To do — Could you return every line of the records below that contains the word "STEP"?

(Items from a data source)
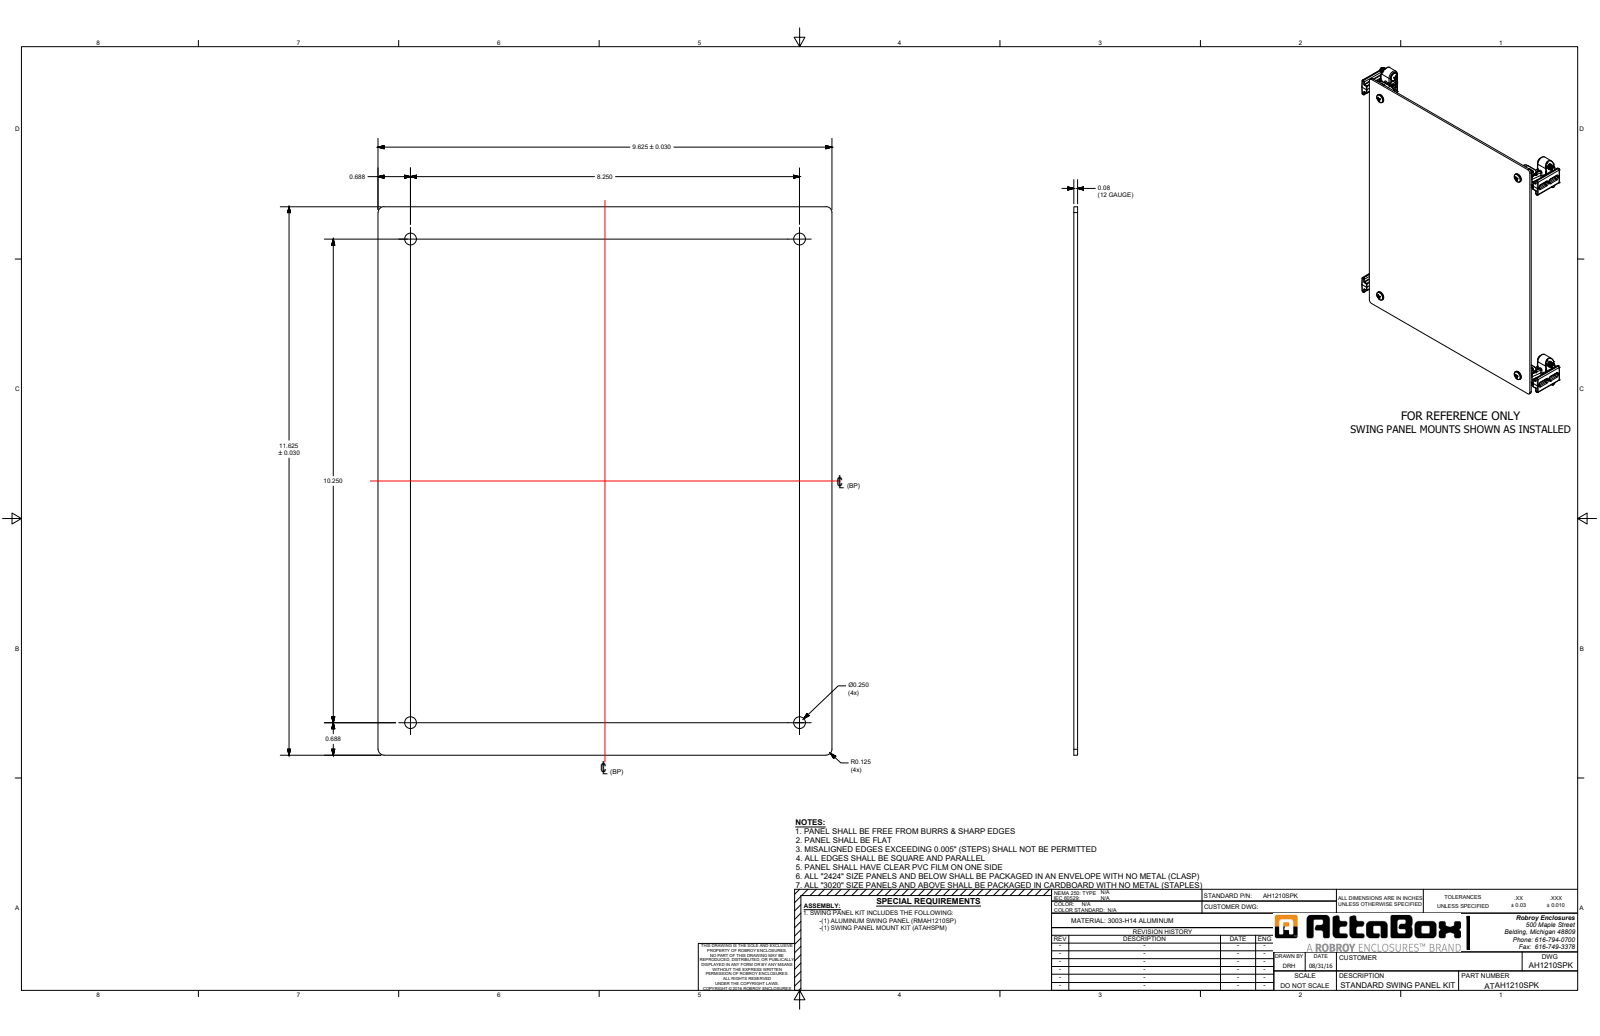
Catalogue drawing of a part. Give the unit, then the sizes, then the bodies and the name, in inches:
Units: inches
Overall size (bounding box): 11.625 × 10.559 × 1.448
Round holes (diameter × count): ⌀0.156 ×8, ⌀0.25 ×8
Round bosses / shafts (diameter × count): ⌀0.373 ×8, ⌀0.262 ×8, ⌀0.19 ×8
Partial cylindrical surfaces — rounded edges, fillets, slot ends (radius × count): R0.035 ×248, R0.02 ×124, R0.065 ×54, R0.015 ×30, R0.045 ×16, R0.05 ×16, R0.025 ×12, R0.9 ×8
Main face-to-face distances: 0.08, 10.25, 0.174, 0.174, 0.5, 0.51, 0.59, 10.559, 0.3, 10.259
Hole centre spacings: 10.25, 0.875, 8.25, 13.157, 9.375, 11.125
Volume: 12.02 in³ · Surface area: 284.5 in²
Bodies: 33 solids, 2010 faces (518 planar, 736 cylindrical, 756 other)
Part name (STEP PRODUCT): AH1210SPK
STEP written by: SolidWorks 2019 (AUTOMOTIVE_DESIGN)

Result for this exercise —
Part name (STEP PRODUCT): AH1210SPK
STEP written by: SolidWorks 2019 (AUTOMOTIVE_DESIGN)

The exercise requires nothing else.